Insert the music of Queen and “Bicycle Race,” better yet sing it! “Bicycle, Bicycle, Bicycle… I want to ride my bicycle, I want to ride it where I like!” This song came to mind Sunday when I was restless and knew it was time to really move! My mind was racing too much, and my body was screaming for some attention. On went the stretched out padded shorts, the helmet and down came the well-worn Cannondale Black Lightening circa 1985, yes my bike is that old… all 19#’s and shimona shifting 15 clicking gears! It’s been through a few tire changes, wrecks and has toured many more miles than I can remember in multiple states. I used to ride a–l-o-t!
There are times when nothing will quite clear my mind as being on my bike, and yes a solitary journey is called for at such times, but then I am never alone. Sunday was a mind clearing day in many ways as the push of my feet against the pedals, turned the wheels and propelled me forward on the bike path, separating myself from the flash of the computer, the hum of the TV, the staleness of being in air conditioner air. The distractions of the open trails, cool breeze a few rain drops and wide open space helped the lines on my face and the cob webs in my head fade… or maybe it was the wind stretching my cheeks. lol
I realized that the past year, with the challenges that I had faced, that the message I started to teach with the concept of R3Wellness; Refresh, Revive, Renew… Mind, Body, Spirit, had somehow quit being an important daily teaching to myself. I had given in to aches and pains, both physical and emotional. I gave myself too much permission not to push active exercise, and called chilling out watching movies and eating emotionally “as rest.” WHAT? How was that refreshing? I was filling my mind with “crap” often, and even though my emotional eating was no longer gallons of ice cream, but endless bowls of popcorn or healthy “snacks”, over eating is over eating!

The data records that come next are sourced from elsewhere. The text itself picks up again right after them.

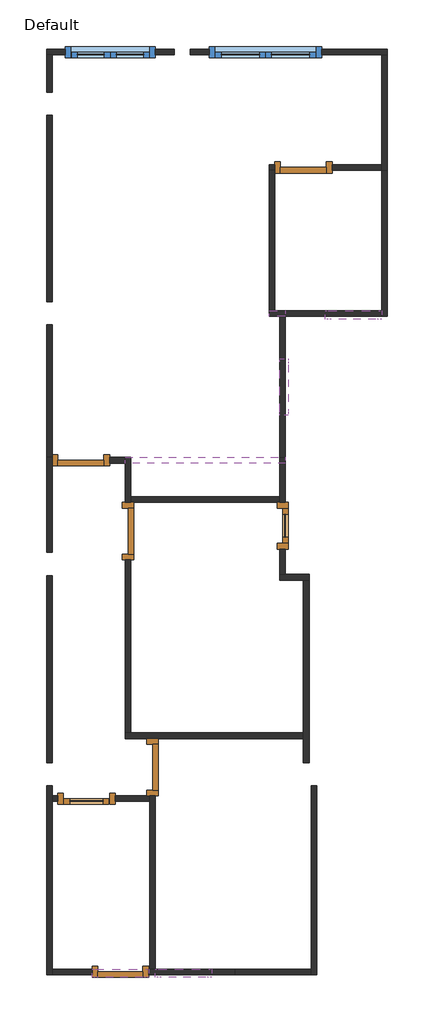
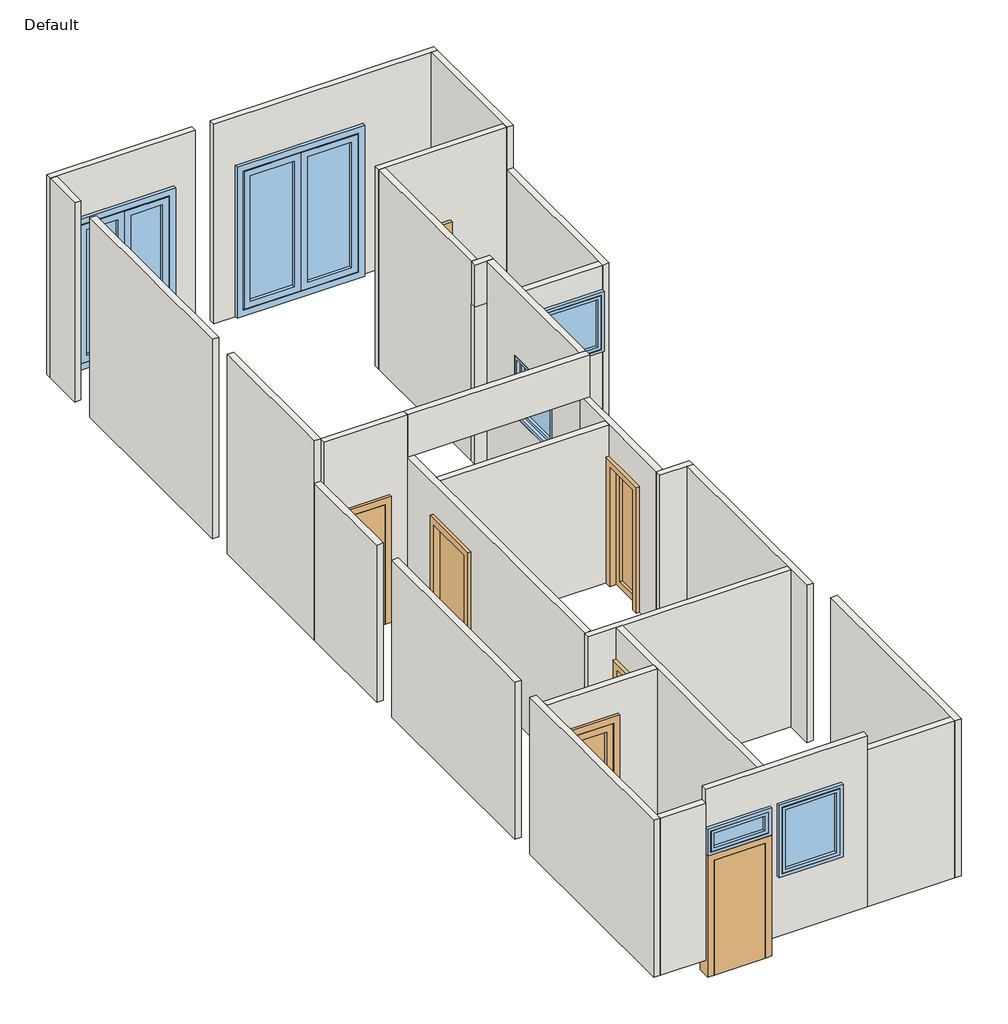
# One storey: 29 walls, 7 doors, 6 windows.
# Revit data of these elements (continued)
# Type "Steel_Wall_3_2 : Steel_Wall_3_2"
#   NameOverride = "Steel_Wall_3_2"
# Type "Steel_Wall_4 : Steel_Wall_4"
#   NameOverride = "Steel_Wall_4"
# Type "Steel_Wall_5 : Steel_Wall_5"
#   NameOverride = "Steel_Wall_5"
# Type "Steel_Wall_6 : Steel_Wall_6"
#   NameOverride = "Steel_Wall_6"
# Type "Steel_Wall_7 : Steel_Wall_7"
#   NameOverride = "Steel_Wall_7"
# Type "Steel_Wall_8_1 : Steel_Wall_8_1"
#   NameOverride = "Steel_Wall_8_1"
# Type "Steel_Wall_8_2 : Steel_Wall_8_2"
#   NameOverride = "Steel_Wall_8_2"
# Type "Steel_Wall_9 : Steel_Wall_9"
#   NameOverride = "Steel_Wall_9"
# Type "Steel_Wall_Bath_1 : Steel_Wall_Bath_1"
#   NameOverride = "Steel_Wall_Bath_1"
# Type "Steel_Wall_Bath_2 : Steel_Wall_Bath_2"
#   NameOverride = "Steel_Wall_Bath_2"
# Type "Steel_Wall_Bath_3 : Steel_Wall_Bath_3"
#   NameOverride = "Steel_Wall_Bath_3"
# Type "Steel_Wall_Bed_1_1 : Steel_Wall_Bed_1_1"
#   NameOverride = "Steel_Wall_Bed_1_1"
# Type "Steel_Wall_Bed_1_2 : Steel_Wall_Bed_1_2"
#   NameOverride = "Steel_Wall_Bed_1_2"
# Type "Steel_Wall_Bed_2_1 : Steel_Wall_Bed_2_1"
#   NameOverride = "Steel_Wall_Bed_2_1"
# Type "Steel_Wall_Bed_2_2 : Steel_Wall_Bed_2_2"
#   NameOverride = "Steel_Wall_Bed_2_2"
# Type "Steel_Wall_Corridor_1 : Steel_Wall_Corridor_1"
#   NameOverride = "Steel_Wall_Corridor_1"
# Type "Steel_Wall_Corridor_2 : Steel_Wall_Corridor_2"
#   NameOverride = "Steel_Wall_Corridor_2"
# Type "Steel_Wall_Kitchen : Steel_Wall_Kitchen"
#   NameOverride = "Steel_Wall_Kitchen"
# Type "Bedroom_1_Window : Bedroom_1_Window"
#   Type Mark = "52"
#   NameOverride = "Bedroom_1_Window"
# Type "Bedroom_1_Window001 : Bedroom_1_Window001"
#   Type Mark = "54"
#   NameOverride = "Bedroom_1_Window001"
# Type "Corridor_Window : Corridor_Window"
#   Type Mark = "55"
#   NameOverride = "Corridor_Window"
# Type "Garden_Door_1 : Garden_Door_1"
#   Type Mark = "50"
#   NameOverride = "Garden_Door_1"
# Type "Garden_Door_2 : Garden_Door_2"
#   Type Mark = "51"
#   NameOverride = "Garden_Door_2"
# Type "Kitchen_Window : Kitchen_Window"
#   Type Mark = "53"
#   NameOverride = "Kitchen_Window"
# Element 1 (IfcDoor, "Bathroom_Door : Bathroom_Door")
#   IfcGUID = "2d9EAMZuD0th02TdqGKw9V"
#   Phase Created = New Construction
#   Materials on its faces: "IfcSurfaceStyle #392"
# Element 2 (IfcDoor, "Bedroom_1_Door : Bedroom_1_Door")
#   IfcGUID = "1_OqppEejAlB8lKkCR4QWC"
#   Phase Created = New Construction
#   Materials on its faces: "IfcSurfaceStyle #392"
# Element 3 (IfcDoor, "Bedroom_2_Door : Bedroom_2_Door")
#   IfcGUID = "2$B6WVKrTAIATxxgFfi0gB"
#   Phase Created = New Construction
#   Materials on its faces: "IfcSurfaceStyle #392"
# Element 4 (IfcDoor, "Bedroom_2__Glass_Door : Bedroom_2__Glass_Door")
#   IfcGUID = "2mkMvagFPD2900nkeEyxCU"
#   Phase Created = New Construction
#   Materials on its faces: "IfcSurfaceStyle #392", "IfcSurfaceStyle #398"
# Element 5 (IfcDoor, "Corridor_Door : Corridor_Door")
#   IfcGUID = "0C86DLcTP6iufxYwWUtltD"
#   Phase Created = New Construction
#   Materials on its faces: "IfcSurfaceStyle #392", "IfcSurfaceStyle #398"
# Element 6 (IfcDoor, "Front_Door : Front_Door")
#   IfcGUID = "3Q78IMAMrFEhyP5s6NcvOq"
#   Phase Created = New Construction
#   Materials on its faces: "IfcSurfaceStyle #392"
# Element 7 (IfcDoor, "Living_Room_Door : Living_Room_Door")
#   IfcGUID = "3k98tirZr53RxQLy$eepBj"
#   Phase Created = New Construction
#   Materials on its faces: "IfcSurfaceStyle #392"
# Element 8 (IfcWall, "Steel_Wall_1 : Steel_Wall_1")
#   IfcGUID = "1kYfjPI1z2dOsmFbZF5vk1"
#   Phase Created = New Construction
#   Materials on its faces: "IfcSurfaceStyle #33"
# Element 9 (IfcWall, "Steel_Wall_10_1 : Steel_Wall_10_1")
#   IfcGUID = "2H1wEzqV97$uYr8_2gY6UW"
#   Phase Created = New Construction
#   Materials on its faces: "IfcSurfaceStyle #33"
# Element 10 (IfcWall, "Steel_Wall_10_2 : Steel_Wall_10_2")
#   IfcGUID = "2KcO0_L111IflKS0Oe9gZ1"
#   Phase Created = New Construction
#   Materials on its faces: "IfcSurfaceStyle #33"
# Element 11 (IfcWall, "Steel_Wall_11 : Steel_Wall_11")
#   IfcGUID = "2lC_UAHmbEbuUifsP1LXZ6"
#   Phase Created = New Construction
#   Materials on its faces: "IfcSurfaceStyle #33"
# Element 12 (IfcWall, "Steel_Wall_12 : Steel_Wall_12")
#   IfcGUID = "2ql$xibhzAeeLpUwcSurNO"
#   Phase Created = New Construction
#   Materials on its faces: "IfcSurfaceStyle #33"
# Element 13 (IfcWall, "Steel_Wall_13 : Steel_Wall_13")
#   IfcGUID = "2Y8TRW6Eb28BE4hqFcYYat"
#   Phase Created = New Construction
#   Materials on its faces: "IfcSurfaceStyle #33"
# Element 14 (IfcWall, "Steel_Wall_14_1 : Steel_Wall_14_1")
#   IfcGUID = "13e6e3AKzBER5jsAP_woOm"
#   Phase Created = New Construction
#   Materials on its faces: "IfcSurfaceStyle #33"
# Element 15 (IfcWall, "Steel_Wall_14_2 : Steel_Wall_14_2")
#   IfcGUID = "2t9TP76RnCBvZR7N7DspqO"
#   Phase Created = New Construction
#   Materials on its faces: "IfcSurfaceStyle #33"
# Element 16 (IfcWall, "Steel_Wall_14_3 : Steel_Wall_14_3")
#   IfcGUID = "3PIBECXaPD8fBrr6oQYvsD"
#   Phase Created = New Construction
#   Materials on its faces: "IfcSurfaceStyle #33"
# Element 17 (IfcWall, "Steel_Wall_2 : Steel_Wall_2")
#   IfcGUID = "28QiRoCobBmQBFVKgJU48$"
#   Phase Created = New Construction
#   Materials on its faces: "IfcSurfaceStyle #33"
# Element 18 (IfcWall, "Steel_Wall_3_1 : Steel_Wall_3_1")
#   IfcGUID = "24zwTt2IT5lPu_PnYAbuQd"
#   Phase Created = New Construction
#   Materials on its faces: "IfcSurfaceStyle #33"
# Element 19 (IfcWall, "Steel_Wall_3_2 : Steel_Wall_3_2")
#   IfcGUID = "1xKmfBGIPAlv3IuhKMrVC6"
#   Phase Created = New Construction
#   Materials on its faces: "IfcSurfaceStyle #33"
# Element 20 (IfcWall, "Steel_Wall_4 : Steel_Wall_4")
#   IfcGUID = "28XGHM95jA2hWOx23ZfQpI"
#   Phase Created = New Construction
#   Materials on its faces: "IfcSurfaceStyle #33"
# Element 21 (IfcWall, "Steel_Wall_5 : Steel_Wall_5")
#   IfcGUID = "2G$YFptgj4Oh0EOEYqEaxI"
#   Phase Created = New Construction
#   Materials on its faces: "IfcSurfaceStyle #33"
# Element 22 (IfcWall, "Steel_Wall_6 : Steel_Wall_6")
#   IfcGUID = "1o9zDiPuLFM9xVI7$R5ryB"
#   Phase Created = New Construction
#   Materials on its faces: "IfcSurfaceStyle #33"
# Element 23 (IfcWall, "Steel_Wall_7 : Steel_Wall_7")
#   IfcGUID = "0$B1TYEDr9MQmvjbWL3brm"
#   Phase Created = New Construction
#   Materials on its faces: "IfcSurfaceStyle #33"
# Element 24 (IfcWall, "Steel_Wall_8_1 : Steel_Wall_8_1")
#   IfcGUID = "0MHnNBBZr1VPIdewH8VvRF"
#   Phase Created = New Construction
#   Materials on its faces: "IfcSurfaceStyle #33"
# Element 25 (IfcWall, "Steel_Wall_8_2 : Steel_Wall_8_2")
#   IfcGUID = "2Cgp0K1rb1Q8_fU3n5VXQo"
#   Phase Created = New Construction
#   Materials on its faces: "IfcSurfaceStyle #33"
# Element 26 (IfcWall, "Steel_Wall_9 : Steel_Wall_9")
#   IfcGUID = "3LPk3dVsL3qRD3WU0CC1fJ"
#   Phase Created = New Construction
#   Materials on its faces: "IfcSurfaceStyle #33"
# Element 27 (IfcWall, "Steel_Wall_Bath_1 : Steel_Wall_Bath_1")
#   IfcGUID = "1q1P9RGs56xRJsdUQ4c$iv"
#   Phase Created = New Construction
#   Materials on its faces: "IfcSurfaceStyle #33"
# Element 28 (IfcWall, "Steel_Wall_Bath_2 : Steel_Wall_Bath_2")
#   IfcGUID = "0bB8O9Uzr7W9xbZH93qA5G"
#   Phase Created = New Construction
#   Materials on its faces: "IfcSurfaceStyle #33"
# Element 29 (IfcWall, "Steel_Wall_Bath_3 : Steel_Wall_Bath_3")
#   IfcGUID = "1yRRlDjj1AH8szfMVlF9gK"
#   Phase Created = New Construction
#   Materials on its faces: "IfcSurfaceStyle #33"
# Element 30 (IfcWall, "Steel_Wall_Bed_1_1 : Steel_Wall_Bed_1_1")
#   IfcGUID = "0fsryBmy92HxbeEe0VAP5z"
#   Phase Created = New Construction
#   Materials on its faces: "IfcSurfaceStyle #33"
# Element 31 (IfcWall, "Steel_Wall_Bed_1_2 : Steel_Wall_Bed_1_2")
#   IfcGUID = "3IqxH_DyHDtP$IUvlhbDBV"
#   Phase Created = New Construction
#   Materials on its faces: "IfcSurfaceStyle #33"
# Element 32 (IfcWall, "Steel_Wall_Bed_2_1 : Steel_Wall_Bed_2_1")
#   IfcGUID = "2FEIiMdgXB5hxET7ecChMF"
#   Phase Created = New Construction
#   Materials on its faces: "IfcSurfaceStyle #33"
# Element 33 (IfcWall, "Steel_Wall_Bed_2_2 : Steel_Wall_Bed_2_2")
#   IfcGUID = "2XSrZAOpP9ygM8yaoyXRZv"
#   Phase Created = New Construction
#   Materials on its faces: "IfcSurfaceStyle #33"
# Element 34 (IfcWall, "Steel_Wall_Corridor_1 : Steel_Wall_Corridor_1")
#   IfcGUID = "2WpmdWzI12XAh4Cz3rhidj"
#   Phase Created = New Construction
#   Materials on its faces: "IfcSurfaceStyle #33"
# Element 35 (IfcWall, "Steel_Wall_Corridor_2 : Steel_Wall_Corridor_2")
#   IfcGUID = "1LowZ9Ljz0uu9eh$WESGHl"
#   Phase Created = New Construction
#   Materials on its faces: "IfcSurfaceStyle #33"
# Element 36 (IfcWall, "Steel_Wall_Kitchen : Steel_Wall_Kitchen")
#   IfcGUID = "25Aek3czj16xSehWca_NKz"
#   Phase Created = New Construction
#   Materials on its faces: "IfcSurfaceStyle #33"
# Element 37 (IfcWindow, "Bedroom_1_Window : Bedroom_1_Window")
#   IfcGUID = "3fbRgI4x53buaM79E0m8n$"
#   Mark = "6"
#   Phase Created = New Construction
#   Materials on its faces: "IfcSurfaceStyle #392", "IfcSurfaceStyle #398"
# Element 38 (IfcWindow, "Bedroom_1_Window001 : Bedroom_1_Window001")
#   IfcGUID = "1_eskcO1D8ewmErJWrP0qK"
#   Mark = "10"
#   Phase Created = New Construction
#   Materials on its faces: "IfcSurfaceStyle #392", "IfcSurfaceStyle #398"
# Element 39 (IfcWindow, "Corridor_Window : Corridor_Window")
#   IfcGUID = "16kYNChfDBAgUE7heRcWn$"
#   Mark = "12"
#   Phase Created = New Construction
#   Materials on its faces: "IfcSurfaceStyle #392", "IfcSurfaceStyle #398"
# Element 40 (IfcWindow, "Garden_Door_1 : Garden_Door_1")
#   IfcGUID = "14Z0K45SrC3OmOkzA2_FH1"
#   Mark = "2"
#   Phase Created = New Construction
#   Materials on its faces: "IfcSurfaceStyle #392", "IfcSurfaceStyle #398"
# Element 41 (IfcWindow, "Garden_Door_2 : Garden_Door_2")
#   IfcGUID = "3wrQCLCwbEtwn8FcH1Y$Y3"
#   Mark = "4"
#   Phase Created = New Construction
#   Materials on its faces: "IfcSurfaceStyle #392", "IfcSurfaceStyle #398"
# Element 42 (IfcWindow, "Kitchen_Window : Kitchen_Window")
#   IfcGUID = "1EPiASaIX6Kurp1E7ijjMw"
#   Mark = "8"
#   Phase Created = New Construction
#   Materials on its faces: "IfcSurfaceStyle #392", "IfcSurfaceStyle #398"
# Materials
#   "IfcSurfaceStyle #392": class "Unassigned", colour RGB 204 204 204, transparency 0
#   "IfcSurfaceStyle #398": class "Unassigned", colour RGB 93 183 203, transparency 0.85
#   "IfcSurfaceStyle #33": class "Unassigned", colour RGB 214 214 214, transparency 0

Although I still believe no one ever got fat eating a rainbow of veggies, I had stepped over my line. I wasn’t sleeping well, and instead of using my knowledge of stretching, turning off, and tuning into my body, trying “legs up the wall” a very relaxing yoga move! I flipped from one end of the couch to the other… note to self, try this instead!
Instead of turning to prayer, meditation and renewing my mind with truth (for me that is God’s truth, His word). I let my Bible sit collecting dust, and chose to go through the motions of my faith instead of choosing to talk to God and allow healing to happen.
I miss riding my bike without a helmet and really letting the wind blow through me, but the moments weren’t missed on Sunday, and like so many rides I have taken on the trails and roads across this country, I headed home with positive thoughts creeping in, clearer thoughts, and the ache in the bum, and shoulders felt good. I needed to make sure I had the energy to get home, because at the end of this ride was a 2 mile uphill climb. At the turn around I downed some water and sent a text to the family, yes it is good to let people know where you are when you venture out on your own! (um, insert that this goes for those times when emotionally you are hurting, sometimes you need to reach out to those who know you well and will listen). The wind was against me as I turned around pushed on. There was an annoying click that I couldn’t locate and fix, but I kept on, choosing to focus on the beauty around me. The rolling clouds above, with the clear blue sky, the Little Miami river flowing alongside the path and the occasional smile from a fellow explorer. I was reminded how the past year had been a journey, traveling a path that I wasn’t quite sure of, trying to navigate the way, not always using the resources that were “right there.” Just as I had learned long ago in biking; how to conserve energy, or ramp it up, how to climb a hill, how to coast well, stay hydrated, stay safe… but always to enjoy the ride, even with an annoying noise occasionally, so it is with life, it will be challenging, it will have hills, valleys, creaky noises, but there is much beauty around, if only you choose to look… and use the resources to fuel yourself for the journey ahead on those unknown, unexplored paths.
Lesson learned, and I am sure I will need to learn it again, and again! Recently I listened to a podcast that spoke to teaching/sharing, this person suggested that you teach what you want to learn, what you are passionate about. You are always one step ahead of another who might want be on the same path and need a guide or someone to walk with them. So I put my feet/hand to the pedal/ the keyboard, and I start sharing again, what I learn; the success and the stumbles and hope that you might join me, no longer a solo rider, but taking that journey to optimal health, Mind, Body, Spirit… Refresh your thoughts on food/health, Revive your body to move and eat well, Renew your spirit through truth.